__WORK TO COMPLETE__
Below are some records. Pull every line that contains the word "Vrstva".

__DATA PROVIDED__
——————————

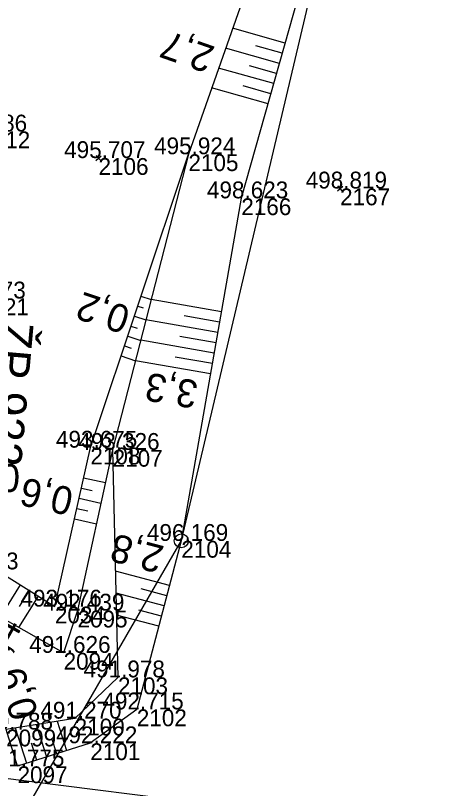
# Model space of a CAD drawing. Extents: x -1234191 to 23050, y -1290331 to -741191.
# Drawn here: x -864634.6 to -864603.9, y -1102729.2 to -1102674 of the extents above; entities that cross this region are included whole.
import ezdxf

# ---------------------------------------------------------------- set-up
doc = ezdxf.new("R2010")
doc.units = 0
for name, color, linetype in [('Vrstva 48', 7, 'Continuous'), ('Vrstva 49', 7, 'Continuous'), ('Vrstva 5', 7, 'Continuous'), ('Vrstva 53', 7, 'Continuous'), ('Vrstva 55', 7, 'Continuous'), ('Vrstva 60', 7, 'Continuous'), ('Vrstva 61', 7, 'Continuous'), ('Vrstva 63', 7, 'Continuous')]:
    doc.layers.add(name, color=color, linetype=linetype)

msp = doc.modelspace()

# ---------------------------------------------------------------- linework, layer by layer
at = {"layer": 'Vrstva 48'}
for p, q in [((-864615.367, -1102676.015), (-864619.119, -1102674.955)), ((-864615.774, -1102677.458), (-864619.616, -1102676.373)), ((-864615.57, -1102676.736), (-864617.469, -1102676.2)), ((-864616.182, -1102678.902), (-864620.113, -1102677.792)), ((-864615.978, -1102678.18), (-864617.921, -1102677.631)), ((-864616.589, -1102680.345), (-864620.61, -1102679.21)), ((-864616.386, -1102679.623), (-864618.373, -1102679.062)), ((-864625.653, -1102694.075), (-864624.927, -1102694.318)), ((-864619.912, -1102695.188), (-864624.925, -1102694.311)), ((-864625.89, -1102694.787), (-864625.502, -1102694.917)), ((-864626.128, -1102695.498), (-864625.3, -1102695.775)), ((-864620.17, -1102696.666), (-864625.298, -1102695.768)), ((-864620.041, -1102695.927), (-864622.576, -1102695.483)), ((-864626.366, -1102696.209), (-864625.926, -1102696.356)), ((-864626.603, -1102696.921), (-864625.673, -1102697.232)), ((-864620.429, -1102698.143), (-864625.672, -1102697.225)), ((-864620.3, -1102697.405), (-864622.892, -1102696.951)), ((-864626.841, -1102697.632), (-864626.35, -1102697.796)), ((-864627.079, -1102698.344), (-864626.047, -1102698.688)), ((-864620.558, -1102698.882), (-864623.208, -1102698.418)), ((-864620.688, -1102699.621), (-864626.045, -1102698.683)), ((-864629.745, -1102707.037), (-864628.187, -1102707.385)), ((-864629.908, -1102707.769), (-864629.127, -1102707.943)), ((-864630.071, -1102708.501), (-864628.507, -1102708.85)), ((-864630.235, -1102709.233), (-864629.451, -1102709.408)), ((-864630.398, -1102709.965), (-864628.827, -1102710.316)), ((-864623.617, -1102714.733), (-864627.472, -1102713.716)), ((-864634.265, -1102714.687), (-864635.698, -1102716.977)), ((-864633.629, -1102715.084), (-864634.337, -1102716.216)), ((-864623.808, -1102715.458), (-864625.631, -1102714.977)), ((-864632.994, -1102715.482), (-864634.391, -1102717.716)), ((-864624, -1102716.184), (-864627.435, -1102715.277)), ((-864624.191, -1102716.909), (-864625.804, -1102716.483)), ((-864624.383, -1102717.634), (-864627.399, -1102716.838)), ((-864630.943, -1102726.519), (-864631.607, -1102724.426)), ((-864633.802, -1102727.427), (-864634.603, -1102724.904)), ((-864632.373, -1102726.973), (-864633.105, -1102724.665)), ((-864633.087, -1102727.2), (-864633.471, -1102725.992)), ((-864631.658, -1102726.746), (-864632.007, -1102725.646))]:
    msp.add_line(p, q, dxfattribs=at)
at = {"layer": 'Vrstva 49'}
for p, q in [((-864628.868, -1102684.385), (-864628.498, -1102684.049)), ((-864628.515, -1102684.402), (-864628.851, -1102684.032)), ((-864611.63, -1102686.556), (-864611.26, -1102686.22)), ((-864611.277, -1102686.573), (-864611.613, -1102686.203))]:
    msp.add_line(p, q, dxfattribs=at)
for points in [[(-864613.106, -1102519.534), (-864608.731, -1102535.344), (-864610.609, -1102556.214), (-864608.338, -1102568.764), (-864606.542, -1102583.213), (-864604.718, -1102600.772), (-864603.921, -1102618.075), (-864604.786, -1102634.966), (-864612.713, -1102666.617), (-864618.494, -1102687.09), (-864622.775, -1102711.543), (-864625.95, -1102723.573), (-864629.27, -1102725.988), (-864634.461, -1102727.636), (-864635.275, -1102725.011)], [(-864617.004, -1102519.74), (-864614.172, -1102532.434), (-864615.402, -1102546.037), (-864618.648, -1102562.646), (-864611.16, -1102570.323), (-864610.132, -1102583.267), (-864608.138, -1102601.898), (-864609.196, -1102618.623), (-864609.582, -1102636.926), (-864613.842, -1102655.868), (-864618.302, -1102672.622), (-864622.268, -1102683.945), (-864627.676, -1102705.046), (-864627.294, -1102721.286), (-864630.384, -1102724.231), (-864635.275, -1102725.011)], [(-864627.676, -1102705.046), (-864630.183, -1102716.52), (-864631.174, -1102719.535), (-864638.752, -1102715.251), (-864639.483, -1102710.021), (-864638.88, -1102694.349), (-864638.117, -1102682.338), (-864637.82, -1102665.455), (-864639.031, -1102633.454), (-864639.918, -1102617.134), (-864639.253, -1102592.265), (-864636.142, -1102586.379), (-864633.035, -1102578.956), (-864627.386, -1102571.169), (-864624.706, -1102565.816), (-864619.99, -1102564.059), (-864618.648, -1102562.646)], [(-864611.16, -1102570.323), (-864617.834, -1102579.783), (-864626.546, -1102581.842), (-864634.835, -1102588.338), (-864637.585, -1102593.088), (-864638.093, -1102601.894), (-864637.883, -1102608.98), (-864639.205, -1102618.186), (-864637.886, -1102622.617), (-864637.628, -1102630.461), (-864637.173, -1102646.572), (-864636.24, -1102660.531), (-864636.257, -1102663.054), (-864637.245, -1102666.193), (-864637.127, -1102682.32), (-864637.223, -1102694.239), (-864637.961, -1102712.375), (-864631.796, -1102716.231)], [(-864631.796, -1102716.231), (-864629.265, -1102704.888), (-864622.268, -1102683.945)]]:
    msp.add_lwpolyline(points, dxfattribs=at)
at = {"layer": 'Vrstva 5'}
msp.add_line((-864608.126, -1102731.919), (-864642.493, -1102727.608), dxfattribs=at)
at = {"layer": 'Vrstva 53'}
msp.add_line((-864622.779, -1102711.593), (-864622.771, -1102711.493), dxfattribs=at)
msp.add_lwpolyline([(-864685.34, -1102369.7), (-864652.19, -1102431.45), (-864651.08, -1102433.92), (-864649.81, -1102436.72), (-864644.67, -1102440.9), (-864637.86, -1102447.68), (-864634.66, -1102450.05), (-864628.74, -1102455.44), (-864614.16, -1102466.94), (-864608.82, -1102469.48), (-864608.15, -1102493.66), (-864617.6, -1102495.16), (-864625.8, -1102502.03), (-864631.68, -1102514.84), (-864618.76, -1102517.37), (-864614.67, -1102518.17), (-864613.23, -1102518.45), (-864607.97, -1102568.96), (-864604.71, -1102634.96), (-864611.4, -1102663.26), (-864622.78, -1102711.51), (-864635.49, -1102733.5), (-864648.81, -1102800.46)], dxfattribs=at)
msp.add_circle((-864622.775, -1102711.543), 0.499, dxfattribs=at)
at = {"layer": 'Vrstva 55'}
msp.add_lwpolyline([(-864685.34, -1102369.7), (-864652.19, -1102431.45), (-864635.26, -1102468.98), (-864625.8, -1102502.03), (-864631.68, -1102514.84), (-864613.23, -1102518.45), (-864607.97, -1102568.96), (-864611.13, -1102641.68), (-864611.4, -1102663.26), (-864622.78, -1102711.51), (-864635.49, -1102733.5), (-864648.81, -1102800.46), (-864676.09, -1102867.88), (-864677.03, -1102870.08)], dxfattribs=at)
at = {"layer": 'Vrstva 60'}
for p, q in [((-864622.268, -1102683.945), (-864622.268, -1102683.945)), ((-864628.683, -1102684.217), (-864628.683, -1102684.217)), ((-864611.445, -1102686.388), (-864611.445, -1102686.388)), ((-864618.494, -1102687.09), (-864618.494, -1102687.09)), ((-864629.265, -1102704.888), (-864629.265, -1102704.888)), ((-864627.676, -1102705.046), (-864627.676, -1102705.046)), ((-864622.775, -1102711.543), (-864622.775, -1102711.543)), ((-864631.796, -1102716.231), (-864631.796, -1102716.231)), ((-864630.183, -1102716.52), (-864630.183, -1102716.52)), ((-864631.174, -1102719.535), (-864631.174, -1102719.535)), ((-864627.294, -1102721.286), (-864627.294, -1102721.286)), ((-864625.95, -1102723.573), (-864625.95, -1102723.573)), ((-864630.384, -1102724.231), (-864630.384, -1102724.231)), ((-864629.27, -1102725.988), (-864629.27, -1102725.988)), ((-864634.461, -1102727.636), (-864634.461, -1102727.636))]:
    msp.add_line(p, q, dxfattribs=at)

# ---------------------------------------------------------------- texts
at = {"layer": 'Vrstva 48'}
for s, rotation, p in [('2,7', 160.6967, (-864620.281, -1102676.304)), ('0,2', 161.5257, (-864626.292, -1102694.908)), ('3,3', 170.0698, (-864621.481, -1102700.156)), ('0,5', 177.7966, (-864634.249, -1102706.083)), ('0,6', 167.4215, (-864630.363, -1102707.811)), ('2,8', 165.2154, (-864623.905, -1102711.951)), ('1,4', 60.5196, (-864635.914, -1102720.899)), ('0,9', 107.6132, (-864632.953, -1102723.924))]:
    msp.add_text(s, height=2, rotation=rotation, dxfattribs=at).set_placement(p)
at = {"layer": 'Vrstva 60'}
for s, p in [('2012', (-864637.127, -1102683.52)), ('2105', (-864622.268, -1102685.145)), ('2106', (-864628.683, -1102685.417)), ('2167', (-864611.445, -1102687.588)), ('2166', (-864618.494, -1102688.29)), ('2021', (-864637.223, -1102695.439)), ('2108', (-864629.265, -1102706.088)), ('2107', (-864627.676, -1102706.246)), ('2104', (-864622.775, -1102712.743)), ('2033', (-864637.961, -1102713.575)), ('2034', (-864631.796, -1102717.431)), ('2095', (-864630.183, -1102717.72)), ('2094', (-864631.174, -1102720.735)), ('2103', (-864627.294, -1102722.486)), ('2102', (-864625.95, -1102724.773)), ('2100', (-864630.384, -1102725.431)), ('2099', (-864635.275, -1102726.211)), ('2101', (-864629.27, -1102727.188)), ('2097', (-864634.461, -1102728.836))]:
    msp.add_text(s, height=1.2, dxfattribs=at).set_placement(p)
at = {"layer": 'Vrstva 61'}
for s, p in [('494.586', (-864639.579, -1102682.32)), ('495.707', (-864631.135, -1102684.217)), ('495.924', (-864624.719, -1102683.945)), ('498.819', (-864613.899, -1102686.388)), ('498.623', (-864620.946, -1102687.09)), ('494.173', (-864639.675, -1102694.239)), ('493.675', (-864631.721, -1102704.888)), ('493.326', (-864630.128, -1102705.046)), ('496.169', (-864625.229, -1102711.543)), ('493.176', (-864634.248, -1102716.231)), ('492.439', (-864632.637, -1102716.52)), ('491.626', (-864633.626, -1102719.535)), ('491.978', (-864629.748, -1102721.286)), ('492.715', (-864628.406, -1102723.573)), ('491.270', (-864632.835, -1102724.231)), ('490.788', (-864637.729, -1102725.011)), ('492.222', (-864631.718, -1102725.988)), ('491.775', (-864636.917, -1102727.636))]:
    msp.add_text(s, height=1.2, dxfattribs=at).set_placement(p)
at = {"layer": 'Vrstva 63'}
msp.add_text('ŽP 922', height=2.4, rotation=264.9349, dxfattribs=at).set_placement((-864635.696, -1102695.785))

doc.saveas('drawing.dxf')

——————————

__FINISHED TASK__
for name, color, linetype in [('Vrstva 48', 7, 'Continuous'), ('Vrstva 49', 7, 'Continuous'), ('Vrstva 5', 7, 'Continuous'), ('Vrstva 53', 7, 'Continuous'), ('Vrstva 55', 7, 'Continuous'), ('Vrstva 60', 7, 'Continuous'), ('Vrstva 61', 7, 'Continuous'), ('Vrstva 63', 7, 'Continuous')]:
at = {"layer": 'Vrstva 48'}
at = {"layer": 'Vrstva 49'}
at = {"layer": 'Vrstva 5'}
at = {"layer": 'Vrstva 53'}
at = {"layer": 'Vrstva 55'}
at = {"layer": 'Vrstva 60'}
at = {"layer": 'Vrstva 48'}
at = {"layer": 'Vrstva 60'}
at = {"layer": 'Vrstva 61'}
at = {"layer": 'Vrstva 63'}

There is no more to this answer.